* **Your instructions**: Output exactly the lines below, starting with the line that has "B_EMF_U: C5.1 IC3.23(PC0(ADC0/PCINT8))" and going on through the line that has "C1-C9 C11-C15 = rcl:C-EU: CAPACITOR, European", both included, and no other lines.

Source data
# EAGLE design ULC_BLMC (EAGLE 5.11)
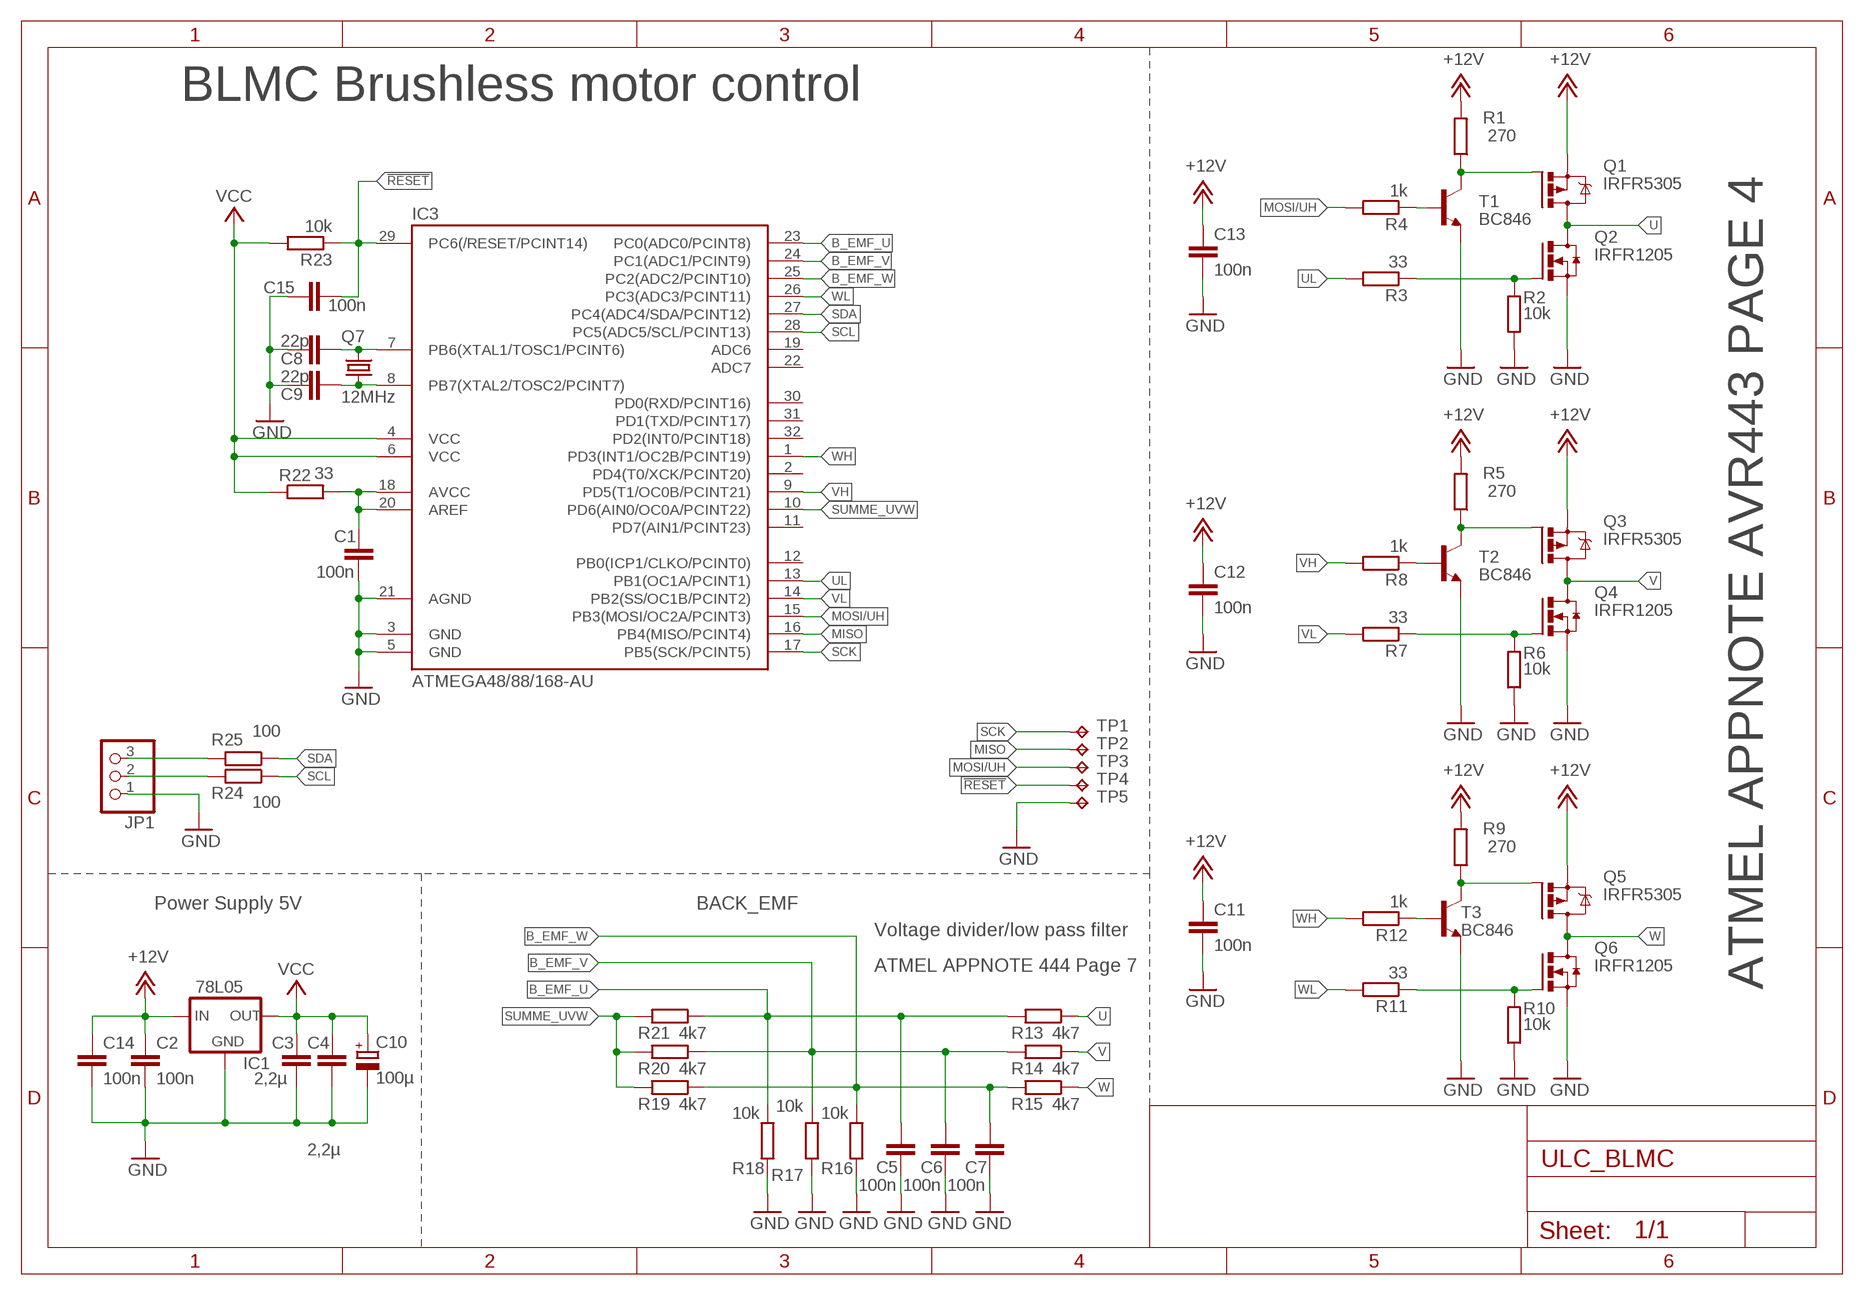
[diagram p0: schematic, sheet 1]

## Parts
C1  100n  C-EUC0805  [C0805]
C2  100n  C-EUC0805  [C0805]
C3  2,2µ  C-EUC0805  [C0805]
C4  2,2µ  C-EUC0805  [C0805]
C5  100n  C-EUC0805  [C0805]
C6  100n  C-EUC0805  [C0805]
C7  100n  C-EUC0805  [C0805]
C8  22p  C-EUC0805  [C0805]
C9  22p  C-EUC0805  [C0805]
C10  100µ  CPOL-EUSMCE  [SMC_E]
C11  100n  C-EUC0805  [C0805]
C12  100n  C-EUC0805  [C0805]
C13  100n  C-EUC0805  [C0805]
C14  100n  C-EUC0805  [C0805]
C15  100n  C-EUC0805  [C0805]
IC1  78L05  78LXX  [78LXX]
IC3  ATMEGA48/88/168-AU  [TQFP32-08]
JP1  PINHD-1X3  [1X03]
Q1  IRFR5305  [D-PAK_TO252AA]
Q2  IRFR1205  [D-PAK_TO252AA]
Q3  IRFR5305  [D-PAK_TO252AA]
Q4  IRFR1205  [D-PAK_TO252AA]
Q5  IRFR5305  [D-PAK_TO252AA]
Q6  IRFR1205  [D-PAK_TO252AA]
Q7  12MHz  CRYSTALCTS406  [CTS406]
R1  270  R-EU_M0805  [M0805]
R2  10k  R-EU_M0805  [M0805]
R3  33  R-EU_M0805  [M0805]
R4  1k  R-EU_M0805  [M0805]
R5  270  R-EU_M0805  [M0805]
R6  10k  R-EU_M0805  [M0805]
R7  33  R-EU_M0805  [M0805]
R8  1k  R-EU_M0805  [M0805]
R9  270  R-EU_M0805  [M0805]
R10  10k  R-EU_M0805  [M0805]
R11  33  R-EU_M0805  [M0805]
R12  1k  R-EU_M0805  [M0805]
R13  4k7  R-EU_M0805  [M0805]
R14  4k7  R-EU_M0805  [M0805]
R15  4k7  R-EU_M0805  [M0805]
R16  10k  R-EU_M0805  [M0805]
R17  10k  R-EU_M0805  [M0805]
R18  10k  R-EU_M0805  [M0805]
R19  4k7  R-EU_M0805  [M0805]
R20  4k7  R-EU_M0805  [M0805]
R21  4k7  R-EU_M0805  [M0805]
R22  33  R-EU_M0805  [M0805]
R23  10k  R-EU_M0805  [M0805]
R24  100  R-EU_M0805  [M0805]
R25  100  R-EU_M0805  [M0805]
T1  BC846  [SOT23]
T2  BC846  [SOT23]
T3  BC846  [SOT23]
TP1  TPB1,27  [B1,27]
TP2  TPB1,27  [B1,27]
TP3  TPB1,27  [B1,27]
TP4  TPB1,27  [B1,27]
TP5  TPB1,27  [B1,27]

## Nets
!RESET: C15.2 IC3.29(PC6(/RESET/PCINT14)) R23.1 TP4.TP
+12V: C2.1 C11.1 C12.1 C13.1 C14.1 IC1.IN Q1.3(S) Q3.3(S) Q5.3(S) R1.2 R5.2 R9.2
B_EMF_U: C5.1 IC3.23(PC0(ADC0/PCINT8)) R13.2 R18.1 R21.1
B_EMF_V: C6.1 IC3.24(PC1(ADC1/PCINT9)) R14.2 R17.1 R20.1
B_EMF_W: C7.1 IC3.25(PC2(ADC2/PCINT10)) R15.2 R16.1 R19.1
GND: C1.2 C2.2 C3.2 C4.2 C5.2 C6.2 C7.2 C8.1 C9.1 C10.- C11.2 C12.2 C13.2 C14.2 C15.1 IC1.GND IC3.3(GND) IC3.5(GND) IC3.21(AGND) JP1.1 Q2.3(S) Q4.3(S) Q6.3(S) R2.1 R6.1 R10.1 R16.2 R17.2 R18.2 T1.2(E) T2.2(E) T3.2(E) TP5.TP
MISO: IC3.16(PB4(MISO/PCINT4)) TP2.TP
MOSI/UH: IC3.15(PB3(MOSI/OC2A/PCINT3)) R4.2 TP3.TP
N$1: Q6.1(G) R10.2 R11.1
N$2: R4.1 T1.1(B)
N$3: C1.1 IC3.18(AVCC) IC3.20(AREF) R22.2
N$4: Q1.1(G) R1.1 T1.3(C)
N$5: Q3.1(G) R5.1 T2.3(C)
N$6: Q4.1(G) R6.2 R7.1
N$7: R8.1 T2.1(B)
N$8: Q5.1(G) R9.1 T3.3(C)
N$9: Q2.1(G) R2.2 R3.1
N$10: R12.1 T3.1(B)
N$11: C8.2 IC3.7(PB6(XTAL1/TOSC1/PCINT6)) Q7.3
N$12: C9.2 IC3.8(PB7(XTAL2/TOSC2/PCINT7)) Q7.1
N$13: JP1.3 R25.2
N$14: JP1.2 R24.2
SCK: IC3.17(PB5(SCK/PCINT5)) TP1.TP
SCL: IC3.28(PC5(ADC5/SCL/PCINT13)) R24.1
SDA: IC3.27(PC4(ADC4/SDA/PCINT12)) R25.1
SUMME_UVW: IC3.10(PD6(AIN0/OC0A/PCINT22)) R19.2 R20.2 R21.2
U: Q1.4(D) Q2.4(D) R13.1
UL: IC3.13(PB1(OC1A/PCINT1)) R3.2
V: Q3.4(D) Q4.4(D) R14.1
VCC: C3.1 C4.1 C10.+ IC1.OUT IC3.4(VCC) IC3.6(VCC) R22.1 R23.2
VH: IC3.9(PD5(T1/OC0B/PCINT21)) R8.2
VL: IC3.14(PB2(SS/OC1B/PCINT2)) R7.2
W: Q5.4(D) Q6.4(D) R15.1
WH: IC3.1(PD3(INT1/OC2B/PCINT19)) R12.2
WL: IC3.26(PC3(ADC3/PCINT11)) R11.2
Unconnected: IC3.2(PD4(T0/XCK/PCINT20)) IC3.11(PD7(AIN1/PCINT23)) IC3.12(PB0(ICP1/CLKO/PCINT0)) IC3.19(ADC6) IC3.22(ADC7) IC3.30(PD0(RXD/PCINT16)) IC3.31(PD1(TXD/PCINT17)) IC3.32(PD2(INT0/PCINT18))

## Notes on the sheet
- BLMC Brushless motor control
- Power Supply 5V | BACK_EMF
- Voltage divider/low pass filter
- ATMEL APPNOTE 444 Page 7
- ATMEL APPNOTE AVR443 PAGE 4

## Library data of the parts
C1-C9 C11-C15 = rcl:C-EU: CAPACITOR, European symbol
C10 = rcl:CPOL-EU: POLARIZED CAPACITOR, European symbol
IC1 = v-reg:78LXX: VOLTAGE REGULATOR
IC3 = atmega8:ATMEGA48/88/168
JP1 = pinhead:PINHD-1X3: PIN HEADER
Q1 Q3 Q5 = transistor-power:IRF?5305: HEXFET Power MOSFET Source: http://www.irf.com/product-info/datasheets/data/irfr5305pbf.pdf
Q2 Q4 Q6 = transistor-power:IRFR1205
Q7 = crystal:CRYSTAL: CRYSTAL; OC_FARNELL: unknown; OC_NEWARK: unknown
R1-R25 = rcl:R-EU_: RESISTOR, European symbol
T1-T3 = transistor:BC846: NPN TRANSISTOR
TP1-TP5 = testpad:TP: Test pad

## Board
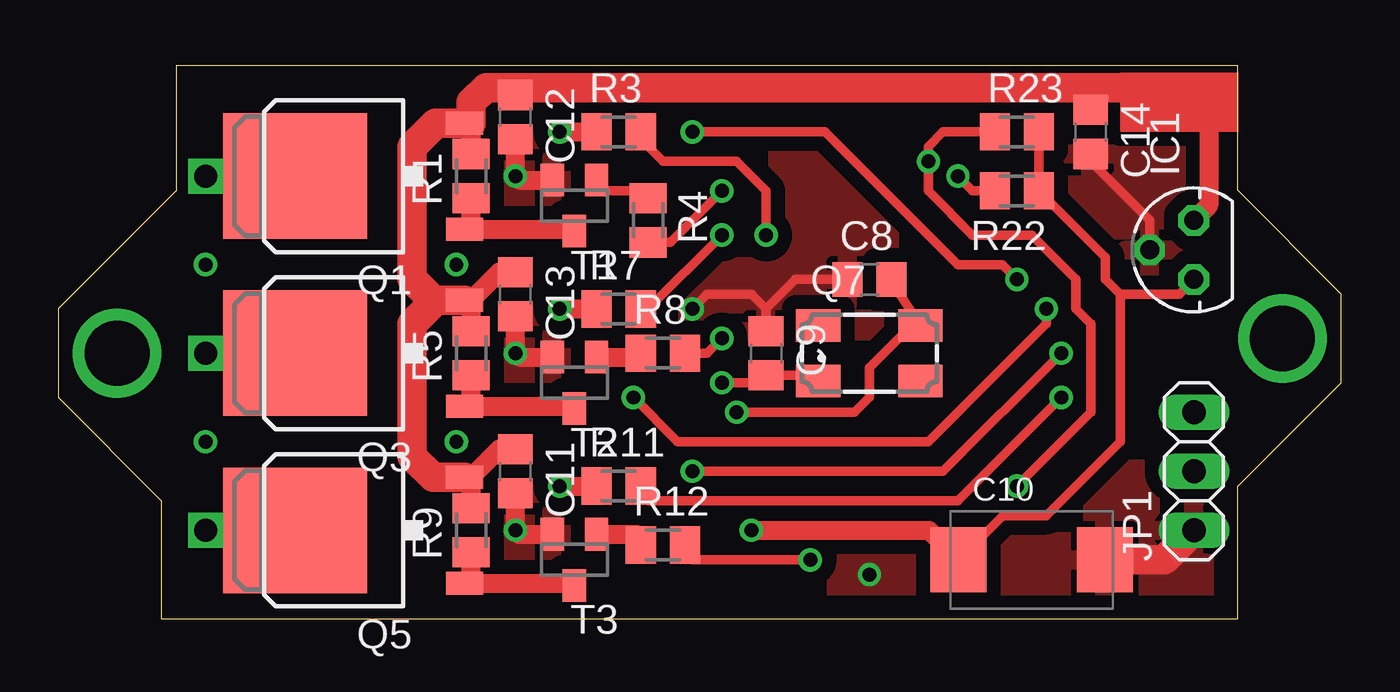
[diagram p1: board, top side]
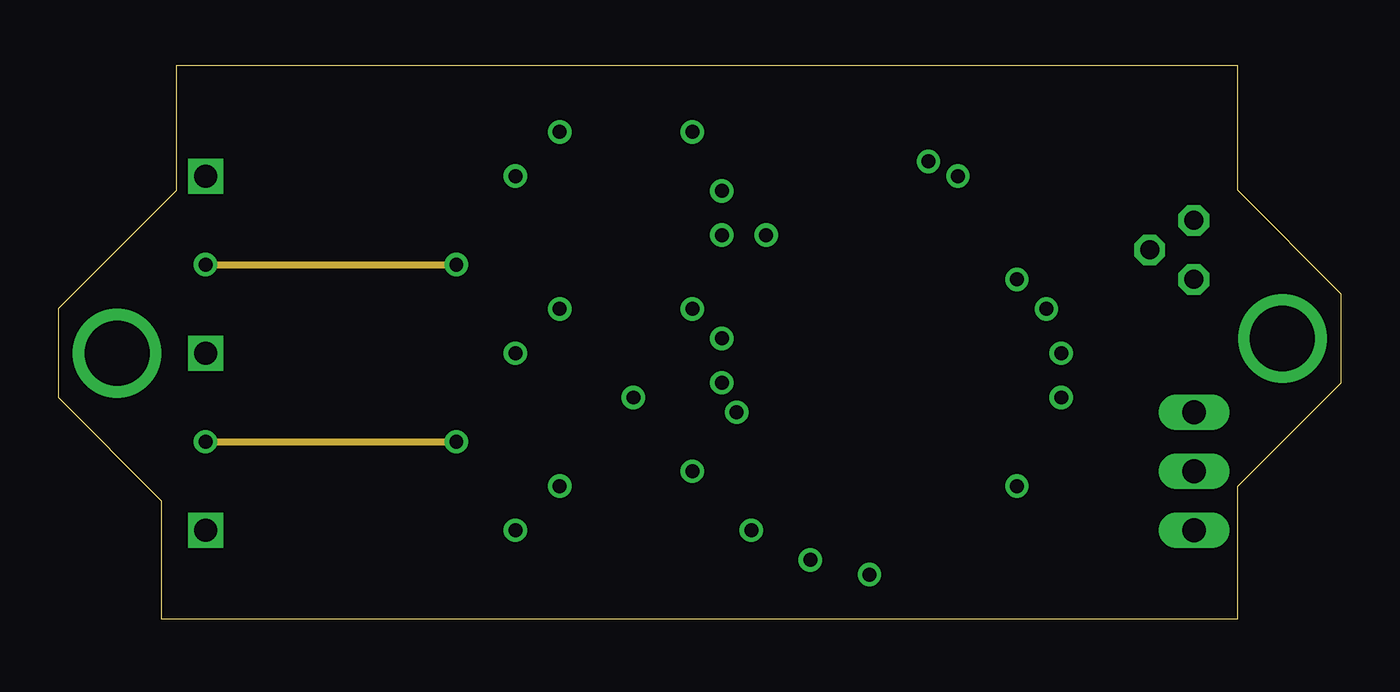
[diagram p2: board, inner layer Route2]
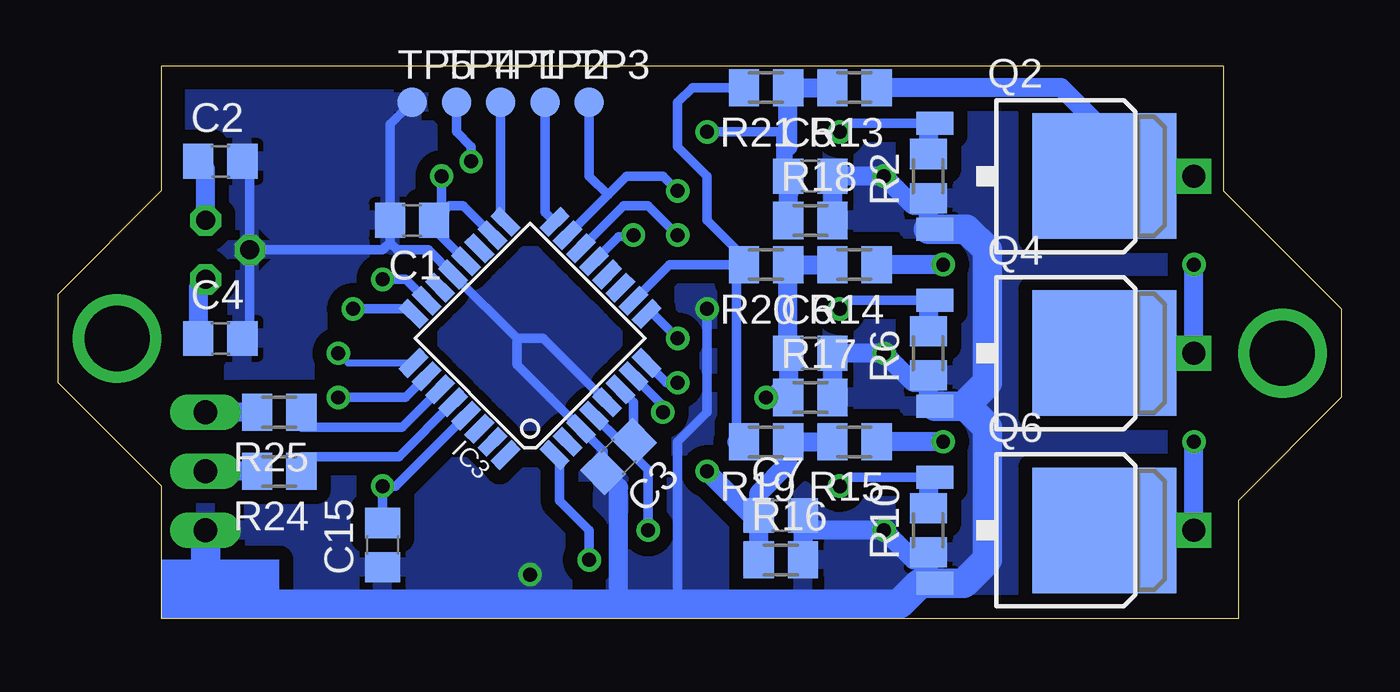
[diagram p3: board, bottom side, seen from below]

Size 55.24 x 23.8 mm. Coordinates in mm from the lower left corner, seen from the top.
Outline: 4.45,0 50.78,0 50.78,5.69 55.24,10.16 55.24,13.97 50.78,18.43 50.78,23.8 5.08,23.8 5.08,18.41 0,13.33 0,9.53 4.45,5.08 4.45,0
Copper layers (1*2*16): Top 0.035mm / dielectric 1.5mm / Route2 0.035mm / dielectric 0.15mm / Bottom 0.035mm
Design rules "default *": minimum track width 10mil, minimum drill 24mil, track to track 8mil, track to pad 8mil, pad to pad 8mil, via to via 8mil, smd to smd 8mil, copper to edge 40mil, drill to drill 8mil, minimum pad ring 10mil, minimum via ring 8mil, stop-mask expansion 4mil, vias tented up to drill 0mil, thermal gap 10mil

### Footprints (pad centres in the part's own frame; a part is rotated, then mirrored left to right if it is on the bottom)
C0805 = smd 1.3 x 1.5: 1 -0.95,0; 2 0.95,0
SMC_E = smd 2.4 x 2.8: + -3.15,0; - 3.15,0
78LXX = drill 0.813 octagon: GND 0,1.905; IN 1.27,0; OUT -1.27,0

* **Solution to the problem**:
B_EMF_U: C5.1 IC3.23(PC0(ADC0/PCINT8)) R13.2 R18.1 R21.1
B_EMF_V: C6.1 IC3.24(PC1(ADC1/PCINT9)) R14.2 R17.1 R20.1
B_EMF_W: C7.1 IC3.25(PC2(ADC2/PCINT10)) R15.2 R16.1 R19.1
GND: C1.2 C2.2 C3.2 C4.2 C5.2 C6.2 C7.2 C8.1 C9.1 C10.- C11.2 C12.2 C13.2 C14.2 C15.1 IC1.GND IC3.3(GND) IC3.5(GND) IC3.21(AGND) JP1.1 Q2.3(S) Q4.3(S) Q6.3(S) R2.1 R6.1 R10.1 R16.2 R17.2 R18.2 T1.2(E) T2.2(E) T3.2(E) TP5.TP
MISO: IC3.16(PB4(MISO/PCINT4)) TP2.TP
MOSI/UH: IC3.15(PB3(MOSI/OC2A/PCINT3)) R4.2 TP3.TP
N$1: Q6.1(G) R10.2 R11.1
N$2: R4.1 T1.1(B)
N$3: C1.1 IC3.18(AVCC) IC3.20(AREF) R22.2
N$4: Q1.1(G) R1.1 T1.3(C)
N$5: Q3.1(G) R5.1 T2.3(C)
N$6: Q4.1(G) R6.2 R7.1
N$7: R8.1 T2.1(B)
N$8: Q5.1(G) R9.1 T3.3(C)
N$9: Q2.1(G) R2.2 R3.1
N$10: R12.1 T3.1(B)
N$11: C8.2 IC3.7(PB6(XTAL1/TOSC1/PCINT6)) Q7.3
N$12: C9.2 IC3.8(PB7(XTAL2/TOSC2/PCINT7)) Q7.1
N$13: JP1.3 R25.2
N$14: JP1.2 R24.2
SCK: IC3.17(PB5(SCK/PCINT5)) TP1.TP
SCL: IC3.28(PC5(ADC5/SCL/PCINT13)) R24.1
SDA: IC3.27(PC4(ADC4/SDA/PCINT12)) R25.1
SUMME_UVW: IC3.10(PD6(AIN0/OC0A/PCINT22)) R19.2 R20.2 R21.2
U: Q1.4(D) Q2.4(D) R13.1
UL: IC3.13(PB1(OC1A/PCINT1)) R3.2
V: Q3.4(D) Q4.4(D) R14.1
VCC: C3.1 C4.1 C10.+ IC1.OUT IC3.4(VCC) IC3.6(VCC) R22.1 R23.2
VH: IC3.9(PD5(T1/OC0B/PCINT21)) R8.2
VL: IC3.14(PB2(SS/OC1B/PCINT2)) R7.2
W: Q5.4(D) Q6.4(D) R15.1
WH: IC3.1(PD3(INT1/OC2B/PCINT19)) R12.2
WL: IC3.26(PC3(ADC3/PCINT11)) R11.2
Unconnected: IC3.2(PD4(T0/XCK/PCINT20)) IC3.11(PD7(AIN1/PCINT23)) IC3.12(PB0(ICP1/CLKO/PCINT0)) IC3.19(ADC6) IC3.22(ADC7) IC3.30(PD0(RXD/PCINT16)) IC3.31(PD1(TXD/PCINT17)) IC3.32(PD2(INT0/PCINT18))

## Notes on the sheet
- BLMC Brushless motor control
- Power Supply 5V | BACK_EMF
- Voltage divider/low pass filter
- ATMEL APPNOTE 444 Page 7
- ATMEL APPNOTE AVR443 PAGE 4

## Library data of the parts
C1-C9 C11-C15 = rcl:C-EU: CAPACITOR, European symbol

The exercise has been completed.